I agree with this approach. To elaborate, it would be a struct like
// Function local if send/receive logic isolated to a function. Otherwise, module-local to avoid escaping this logic.
struct SendTree(Tree);
unsafe impl Send for SendTree {}
// Optional
impl SendTree {
fn new(tree: Tree) -> SendTree {
// Validate `Tree` to ensure that all contained `Rc`s have a single strong count.
// This could be debug-only or test-only.
}
}
Then, you'd wrap the Tree in SendTree to send it across a channel and on the receiving end, you'd unwrap it. If you can't isolate this logic within a single function, you could create a tiny module to isolate the logic to limit the blast radius of code you have to look at to reason about unsafe-safety.
I was about to suggest UniqueRc but of course there also must not be any Weak pointers either.
That suggest a differently weak version of ownership where it blocks the only de-allocation or de-initialization (i.e. manipulates weak and strong count) but does not claim ownership of the pointed-to-place itself.
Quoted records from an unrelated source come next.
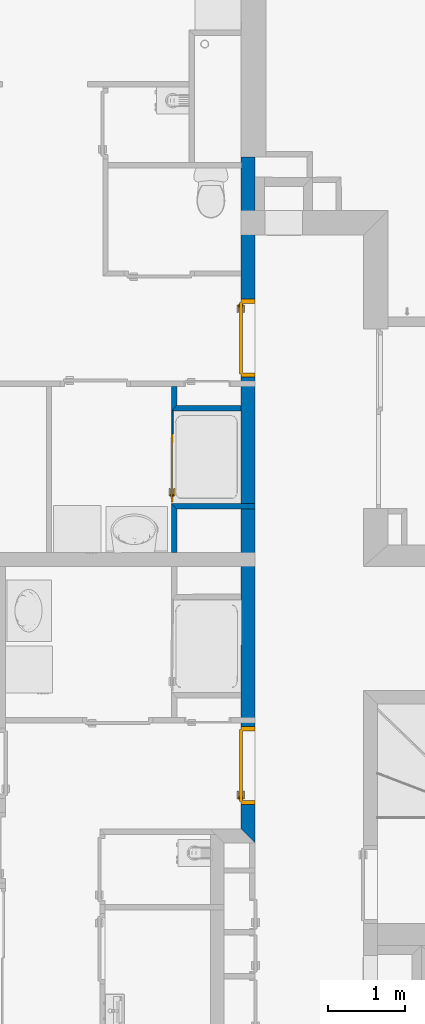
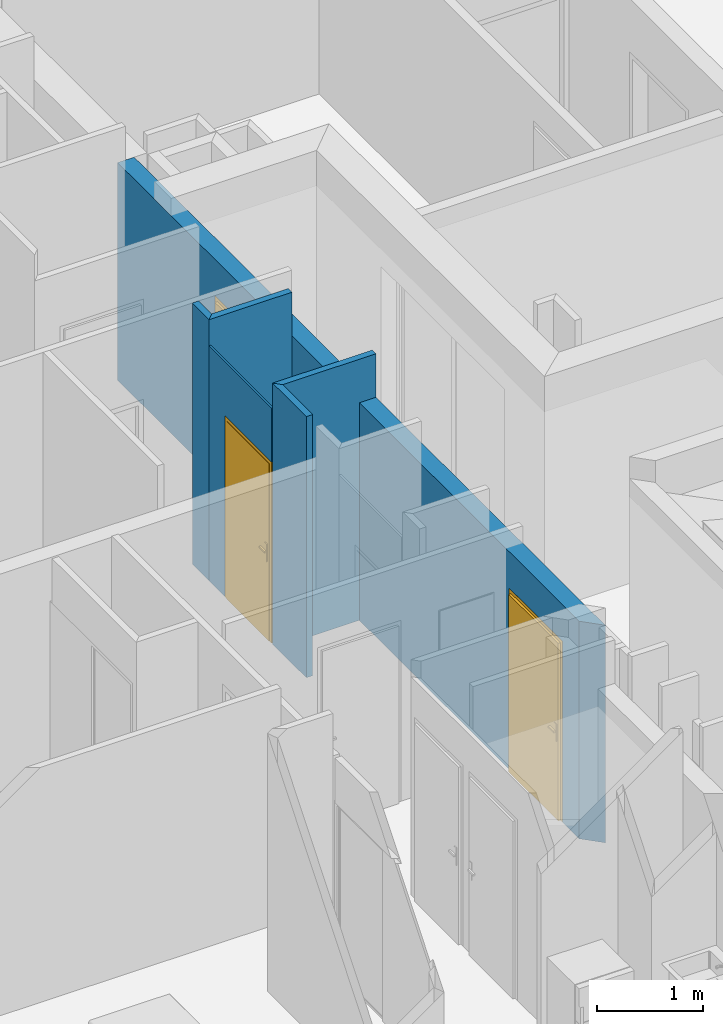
# One storey, part 51 of 171: 6 walls, 3 doors, 3 openings.
"""IFC2X3 building model written with IfcOpenShell, lengths in millimetres."""

from ifc_helpers import new_model, entity, si_unit, converted_unit, derived_unit, money_unit, direction, frame, origin_with_axes, origin_2d_with_axis, place, context, subcontext, project, spatial, polyline, rectangle, outline, extrude, faceted_brep, source, transform, mapped, material, layer, layer_set, layer_usage, type_object, element, fill, save


model = new_model("IFC2X3")

# Units and contexts
model_context = context("Model", 3, precision=0.01, world=origin_with_axes(), true_north=direction((0.0, 1.0)))
body_context = subcontext(model_context, "Body", "Model", "MODEL_VIEW")
ifc_project = project(units=[si_unit("LENGTHUNIT", "METRE", prefix="MILLI"), si_unit("AREAUNIT", "SQUARE_METRE"), si_unit("VOLUMEUNIT", "CUBIC_METRE"), converted_unit("PLANEANGLEUNIT", "DEGREE", entity("IfcPlaneAngleMeasure", 0.0174532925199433), si_unit("PLANEANGLEUNIT", "RADIAN"), dimensions=[0, 0, 0, 0, 0, 0, 0]), money_unit("USD"), converted_unit("TIMEUNIT", "Year", entity("IfcTimeMeasure", 31557600.0), si_unit("TIMEUNIT", "SECOND"), dimensions=[0, 0, 1, 0, 0, 0, 0]), si_unit("MASSUNIT", "GRAM", prefix="KILO"), si_unit("THERMODYNAMICTEMPERATUREUNIT", "DEGREE_CELSIUS"), si_unit("LUMINOUSINTENSITYUNIT", "LUMEN"), si_unit("ENERGYUNIT", "JOULE", prefix="MEGA"), derived_unit("THERMALCONDUCTANCEUNIT", [(si_unit("POWERUNIT", "WATT"), 1), (si_unit("LENGTHUNIT", "METRE"), -1), (si_unit("THERMODYNAMICTEMPERATUREUNIT", "KELVIN"), -1)]), derived_unit("SPECIFICHEATCAPACITYUNIT", [(si_unit("ENERGYUNIT", "JOULE"), 1), (si_unit("MASSUNIT", "GRAM", prefix="KILO"), -1), (si_unit("THERMODYNAMICTEMPERATUREUNIT", "KELVIN"), -1)]), derived_unit("MASSDENSITYUNIT", [(si_unit("MASSUNIT", "GRAM", prefix="KILO"), 1), (si_unit("VOLUMEUNIT", "CUBIC_METRE"), -1)])], contexts=[model_context])

# Site, building, storey
site_placement = place(None, origin_with_axes())
site = spatial("IfcSite", under=ifc_project, at=site_placement, Name="Site", CompositionType="ELEMENT")
building_placement = place(site_placement, origin_with_axes())
building = spatial("IfcBuilding", under=site, at=building_placement, Name="Bâtiment", CompositionType="ELEMENT")
storey_placement = place(building_placement, frame((0.0, 0.0, 3000.0), z_axis=(0.0, 0.0, 1.0), x_axis=(1.0, 0.0, 0.0)))
storey = spatial("IfcBuildingStorey", under=building, at=storey_placement, Name="rdc", CompositionType="ELEMENT", Elevation=3000.0)

# Wall, openings, doors
ifc_material_1 = material(Name="Parpaing 314940890")
ifc_layer_1 = layer(ifc_material_1, 180.0, ventilated="UNKNOWN")
ifc_layer_set_1 = layer_set([ifc_layer_1], Name="Beton  18 0018356637")
ifc_layer_usage_1 = layer_usage(ifc_layer_set_1, "AXIS2", "NEGATIVE", 0.0)
wall_type_1 = type_object("IfcWallType", Name="Beton  18 0018356637 180", PredefinedType="NOTDEFINED")
wall_1_placement = place(storey_placement, frame((2224312.317707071, -627247.3597870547, 0.0), z_axis=(0.0, 0.0, 1.0), x_axis=(9.28770174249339e-06, -0.9999999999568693, 0.0)))
wall_1 = element("IfcWallStandardCase", 1, at=wall_1_placement, inside=storey, type_object=wall_type_1, material=ifc_layer_usage_1, Name="Mur-143", context=body_context, shape_type="SweptSolid", body=[
    extrude(outline(polyline([(69.99832821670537, -179.9999999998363), (8759.937664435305, -179.9999999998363), (8939.939786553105, 0.0), (70.00000000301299, 0.0), (69.99832821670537, -179.9999999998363)])), origin_with_axes(), (0.0, 0.0, 1.0), 2500.0),
])
opening_1_placement = place(wall_1_placement, frame((2412.049602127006, 1.13686837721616e-10, 0.0), z_axis=(0.0, 0.0, 1.0), x_axis=(1.0, 0.0, 0.0)))
opening_1 = element("IfcOpeningElement", 2, at=opening_1_placement, cuts=wall_1, Name="Por-295", context=body_context, shape_type="SweptSolid", body=[
    extrude(rectangle(XDim=1010.00001192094, YDim=2080.0, at=origin_2d_with_axis()), frame((5.960465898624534e-06, 179.99999999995, 1040.0), z_axis=(0.0, 1.0, 0.0), x_axis=(1.0, 0.0, 0.0)), (0.0, 0.0, -1.0), 360.0),
])
opening_2_placement = place(wall_1_placement, frame((7941.747689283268, 0.0, 0.0), z_axis=(0.0, 0.0, 1.0), x_axis=(1.0, 0.0, 0.0)))
opening_2 = element("IfcOpeningElement", 3, at=opening_2_placement, cuts=wall_1, Name="Por-295", context=body_context, shape_type="SweptSolid", body=[
    extrude(rectangle(XDim=1010.00001192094, YDim=2080.0, at=origin_2d_with_axis()), frame((-5.960487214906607e-06, 179.99999999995, 1040.0), z_axis=(0.0, -1.0, 0.0), x_axis=(-1.0, 0.0, 0.0)), (0.0, 0.0, 1.0), 360.0),
])
door_style = type_object("IfcDoorStyle", Name="Porte_1v", ConstructionType="NOTDEFINED", OperationType="NOTDEFINED", ParameterTakesPrecedence=False, Sizeable=False)
shared_shape_1 = source(origin_with_axes(), body_context, "Body", "Brep", [
    faceted_brep([(504.9999999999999, 0.0, 0.0), (464.9999999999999, 0.0, 0.0), (464.9999999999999, 0.0, 2040.0), (-464.9999999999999, 0.0, 2040.0), (-464.9999999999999, 0.0, 0.0), (-504.9999999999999, 0.0, 0.0), (-504.9999999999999, 0.0, 2080.0), (504.9999999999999, 0.0, 2080.0), (504.9999999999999, -180.0, 0.0), (449.9999999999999, -180.0, 0.0), (449.9999999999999, -15.0, 0.0), (464.9999999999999, -15.0, 0.0), (464.9999999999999, -15.0, 2040.0), (-464.9999999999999, -15.0, 2040.0), (-464.9999999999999, -15.0, 0.0), (-449.9999999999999, -15.0, 0.0), (-449.9999999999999, -180.0, 0.0), (-504.9999999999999, -180.0, 0.0), (-504.9999999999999, -180.0, 2080.0), (504.9999999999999, -180.0, 2080.0), (-449.9999999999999, -180.0, 2025.0), (449.9999999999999, -180.0, 2025.0), (449.9999999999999, -15.0, 2025.0), (-449.9999999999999, -15.0, 2025.0)], [[[0, 1, 2, 3, 4, 5, 6, 7]], [[0, 8, 9, 10, 11, 1]], [[1, 11, 12, 2]], [[2, 12, 13, 3]], [[3, 13, 14, 4]], [[5, 4, 14, 15, 16, 17]], [[18, 6, 5, 17]], [[19, 7, 6, 18]], [[8, 0, 7, 19]], [[9, 8, 19, 18, 17, 16, 20, 21]], [[10, 9, 21, 22]], [[11, 10, 22, 23, 15, 14, 13, 12]], [[23, 20, 16, 15]], [[22, 21, 20, 23]]]),
    faceted_brep([(-399.9999999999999, -15.0, 900.0), (-439.9999999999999, -15.0, 900.0), (-439.9999999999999, -15.0, 1100.0), (-399.9999999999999, -15.0, 1100.0), (-399.9999999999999, -25.0, 900.0), (-439.9999999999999, -25.0, 900.0), (-439.9999999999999, -25.0, 1100.0), (-399.9999999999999, -25.0, 1100.0)], [[[0, 1, 2, 3]], [[1, 0, 4, 5]], [[2, 1, 5, 6]], [[3, 2, 6, 7]], [[0, 3, 7, 4]], [[5, 4, 7, 6]]]),
    faceted_brep([(-329.9999999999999, -25.0, 1000.0), (-429.9999999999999, -25.0, 1000.0), (-429.9999999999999, -25.0, 1020.0), (-329.9999999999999, -25.0, 1020.0), (-329.9999999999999, -44.99999999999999, 1000.0), (-429.9999999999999, -44.99999999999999, 1000.0), (-429.9999999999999, -44.99999999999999, 1020.0), (-329.9999999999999, -44.99999999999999, 1020.0)], [[[0, 1, 2, 3]], [[1, 0, 4, 5]], [[2, 1, 5, 6]], [[3, 2, 6, 7]], [[0, 3, 7, 4]], [[5, 4, 7, 6]]]),
    faceted_brep([(-399.9999999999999, 34.99999999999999, 900.0), (-439.9999999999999, 34.99999999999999, 900.0), (-439.9999999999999, 34.99999999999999, 1100.0), (-399.9999999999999, 34.99999999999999, 1100.0), (-399.9999999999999, 25.0, 900.0), (-439.9999999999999, 25.0, 900.0), (-439.9999999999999, 25.0, 1100.0), (-399.9999999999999, 25.0, 1100.0)], [[[0, 1, 2, 3]], [[1, 0, 4, 5]], [[2, 1, 5, 6]], [[3, 2, 6, 7]], [[0, 3, 7, 4]], [[5, 4, 7, 6]]]),
    faceted_brep([(-329.9999999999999, 55.0, 1000.0), (-429.9999999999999, 55.0, 1000.0), (-429.9999999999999, 55.0, 1020.0), (-329.9999999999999, 55.0, 1020.0), (-329.9999999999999, 34.99999999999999, 1000.0), (-429.9999999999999, 34.99999999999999, 1000.0), (-429.9999999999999, 34.99999999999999, 1020.0), (-329.9999999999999, 34.99999999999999, 1020.0)], [[[0, 1, 2, 3]], [[1, 0, 4, 5]], [[2, 1, 5, 6]], [[3, 2, 6, 7]], [[0, 3, 7, 4]], [[5, 4, 7, 6]]]),
    faceted_brep([(-464.9999999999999, 25.0, 0.0), (464.9999999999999, 25.0, 0.0), (464.9999999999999, -15.0, 0.0), (-464.9999999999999, -15.0, 0.0), (-464.9999999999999, 25.0, 2040.0), (464.9999999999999, 25.0, 2040.0), (464.9999999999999, -15.0, 2040.0), (-464.9999999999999, -15.0, 2040.0)], [[[0, 1, 2, 3]], [[0, 4, 5, 1]], [[1, 5, 6, 2]], [[3, 2, 6, 7]], [[4, 0, 3, 7]], [[5, 4, 7, 6]]]),
])
door_1_placement = place(opening_2_placement, frame((465.0000000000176, 1.13686837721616e-10, 0.0), z_axis=(0.0, 0.0, 1.0), x_axis=(-1.0, 0.0, 0.0)))
door_1 = element("IfcDoor", 4, at=door_1_placement, inside=storey, type_object=door_style, Name="Por-295", OverallHeight=2040.0, OverallWidth=930.0, context=body_context, shape_type="MappedRepresentation", body=[
    mapped(shared_shape_1, transform((465.0000000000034, 179.99999999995, 0.0))),
])
fill(opening_2, door_1)
shared_shape_2 = source(origin_with_axes(), body_context, "Body", "Brep", [
    faceted_brep([(-504.9999999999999, 0.0, 0.0), (-504.9999999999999, 0.0, 2080.0), (504.9999999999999, 0.0, 2080.0), (504.9999999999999, 0.0, 0.0), (464.9999999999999, 0.0, 0.0), (464.9999999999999, 0.0, 2040.0), (-464.9999999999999, 0.0, 2040.0), (-464.9999999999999, 0.0, 0.0), (-504.9999999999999, -180.0, 0.0), (-504.9999999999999, -180.0, 2080.0), (504.9999999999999, -180.0, 2080.0), (504.9999999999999, -180.0, 0.0), (449.9999999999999, -180.0, 0.0), (449.9999999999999, -15.0, 0.0), (464.9999999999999, -15.0, 0.0), (464.9999999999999, -15.0, 2040.0), (-464.9999999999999, -15.0, 2040.0), (-464.9999999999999, -15.0, 0.0), (-449.9999999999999, -15.0, 0.0), (-449.9999999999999, -180.0, 0.0), (-449.9999999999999, -180.0, 2025.0), (449.9999999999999, -180.0, 2025.0), (449.9999999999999, -15.0, 2025.0), (-449.9999999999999, -15.0, 2025.0)], [[[0, 1, 2, 3, 4, 5, 6, 7]], [[8, 9, 1, 0]], [[9, 10, 2, 1]], [[10, 11, 3, 2]], [[3, 11, 12, 13, 14, 4]], [[5, 4, 14, 15]], [[6, 5, 15, 16]], [[7, 6, 16, 17]], [[0, 7, 17, 18, 19, 8]], [[19, 20, 21, 12, 11, 10, 9, 8]], [[22, 13, 12, 21]], [[17, 16, 15, 14, 13, 22, 23, 18]], [[18, 23, 20, 19]], [[23, 22, 21, 20]]]),
    faceted_brep([(399.9999999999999, -15.0, 900.0), (399.9999999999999, -15.0, 1100.0), (439.9999999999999, -15.0, 1100.0), (439.9999999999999, -15.0, 900.0), (399.9999999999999, -25.0, 900.0), (399.9999999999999, -25.0, 1100.0), (439.9999999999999, -25.0, 1100.0), (439.9999999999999, -25.0, 900.0)], [[[0, 1, 2, 3]], [[0, 4, 5, 1]], [[1, 5, 6, 2]], [[2, 6, 7, 3]], [[3, 7, 4, 0]], [[7, 6, 5, 4]]]),
    faceted_brep([(329.9999999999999, -25.0, 1000.0), (329.9999999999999, -25.0, 1020.0), (429.9999999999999, -25.0, 1020.0), (429.9999999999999, -25.0, 1000.0), (329.9999999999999, -44.99999999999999, 1000.0), (329.9999999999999, -44.99999999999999, 1020.0), (429.9999999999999, -44.99999999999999, 1020.0), (429.9999999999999, -44.99999999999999, 1000.0)], [[[0, 1, 2, 3]], [[0, 4, 5, 1]], [[1, 5, 6, 2]], [[2, 6, 7, 3]], [[3, 7, 4, 0]], [[7, 6, 5, 4]]]),
    faceted_brep([(399.9999999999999, 34.99999999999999, 900.0), (399.9999999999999, 34.99999999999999, 1100.0), (439.9999999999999, 34.99999999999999, 1100.0), (439.9999999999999, 34.99999999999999, 900.0), (399.9999999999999, 25.0, 900.0), (399.9999999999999, 25.0, 1100.0), (439.9999999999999, 25.0, 1100.0), (439.9999999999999, 25.0, 900.0)], [[[0, 1, 2, 3]], [[0, 4, 5, 1]], [[1, 5, 6, 2]], [[2, 6, 7, 3]], [[3, 7, 4, 0]], [[7, 6, 5, 4]]]),
    faceted_brep([(329.9999999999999, 55.0, 1000.0), (329.9999999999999, 55.0, 1020.0), (429.9999999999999, 55.0, 1020.0), (429.9999999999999, 55.0, 1000.0), (329.9999999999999, 34.99999999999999, 1000.0), (329.9999999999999, 34.99999999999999, 1020.0), (429.9999999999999, 34.99999999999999, 1020.0), (429.9999999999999, 34.99999999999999, 1000.0)], [[[0, 1, 2, 3]], [[0, 4, 5, 1]], [[1, 5, 6, 2]], [[2, 6, 7, 3]], [[3, 7, 4, 0]], [[7, 6, 5, 4]]]),
    faceted_brep([(464.9999999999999, 25.0, 0.0), (464.9999999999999, -15.0, 0.0), (-464.9999999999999, -15.0, 0.0), (-464.9999999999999, 25.0, 0.0), (464.9999999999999, 25.0, 2040.0), (464.9999999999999, -15.0, 2040.0), (-464.9999999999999, -15.0, 2040.0), (-464.9999999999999, 25.0, 2040.0)], [[[0, 1, 2, 3]], [[4, 5, 1, 0]], [[1, 5, 6, 2]], [[3, 2, 6, 7]], [[0, 3, 7, 4]], [[7, 6, 5, 4]]]),
])
door_2_placement = place(opening_1_placement, frame((464.9999999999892, -1.13686837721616e-10, 0.0), z_axis=(0.0, 0.0, 1.0), x_axis=(-1.0, 0.0, 0.0)))
door_2 = element("IfcDoor", 5, at=door_2_placement, inside=storey, type_object=door_style, Name="Por-295", OverallHeight=2040.0, OverallWidth=930.0, context=body_context, shape_type="MappedRepresentation", body=[
    mapped(shared_shape_2, transform((464.9999999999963, 180.0000000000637, 0.0))),
])
fill(opening_1, door_2)

# Walls
ifc_material_2 = material(Name="Hachure solide 268963992")
ifc_layer_2 = layer(ifc_material_2, 70.0, ventilated="UNKNOWN")
ifc_layer_set_2 = layer_set([ifc_layer_2], Name="Cloison 70 0826278243")
ifc_layer_usage_2 = layer_usage(ifc_layer_set_2, "AXIS2", "NEGATIVE", 70.0)
wall_type_2 = type_object("IfcWallType", Name="Cloison 70 0826278243 70", PredefinedType="NOTDEFINED")
wall_2_placement = place(storey_placement, frame((2223232.318522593, -630212.9218533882, 0.0), z_axis=(0.0, 0.0, 1.0), x_axis=(-1.948421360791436e-07, -0.999999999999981, 0.0)))
element("IfcWallStandardCase", 6, at=wall_2_placement, inside=storey, type_object=wall_type_2, material=ifc_layer_usage_2, Name="Mur-149", context=body_context, shape_type="SweptSolid", body=[
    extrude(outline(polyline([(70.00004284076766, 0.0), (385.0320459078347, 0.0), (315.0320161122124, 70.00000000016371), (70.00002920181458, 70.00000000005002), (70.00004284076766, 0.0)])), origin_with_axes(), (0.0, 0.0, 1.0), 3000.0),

So no manipulation of the contents—counts and value—by any means through that value itself. It can only be upgraded to an actual Weak or Rc by presenting it with a Weak to the same allocation, proving the current thread owns that node. Of course it would be quite troublesome to use since it necessarily leaks on a normal Drop. Might only work ergonomically with truly linear types (a tree built with it would recursively reap its all children on Drop, which you'd want anyways to avoid stack overflow, where it could present the owning root to upgrade the pointers).
You would also need to check weak count. A escaped weak pointer could be used to resurrect an Rc from the original thread. Since presumably the reason for Rc here is weak parent pointers inside the tree you would also need to calculate the expected number of weak pointers.
A more "rusty" design would make this less painful: use a vector or arena of nodes and store the indices of child / parent nodes. It would likely also be faster due to better cache usage, especially if you can arrange so that nodes that are accessed after each other are close in the vector.
Such a vector of nodes would be trivial to transfer to another thread. As a bonus you could also store the child indices inline up to a certain max number, which can be a worthwhile optimisation in some cases. Profiling would be needed.
If you build the tree once and don't modify it this would be ideal, if you need to modify it to add/remove nodes you might want to have a list of free nodes that can be reused.
There are many valid points in the design space of data oriented graph/tree representations in Rust. Consider looking at the petgraph crate for inspiration.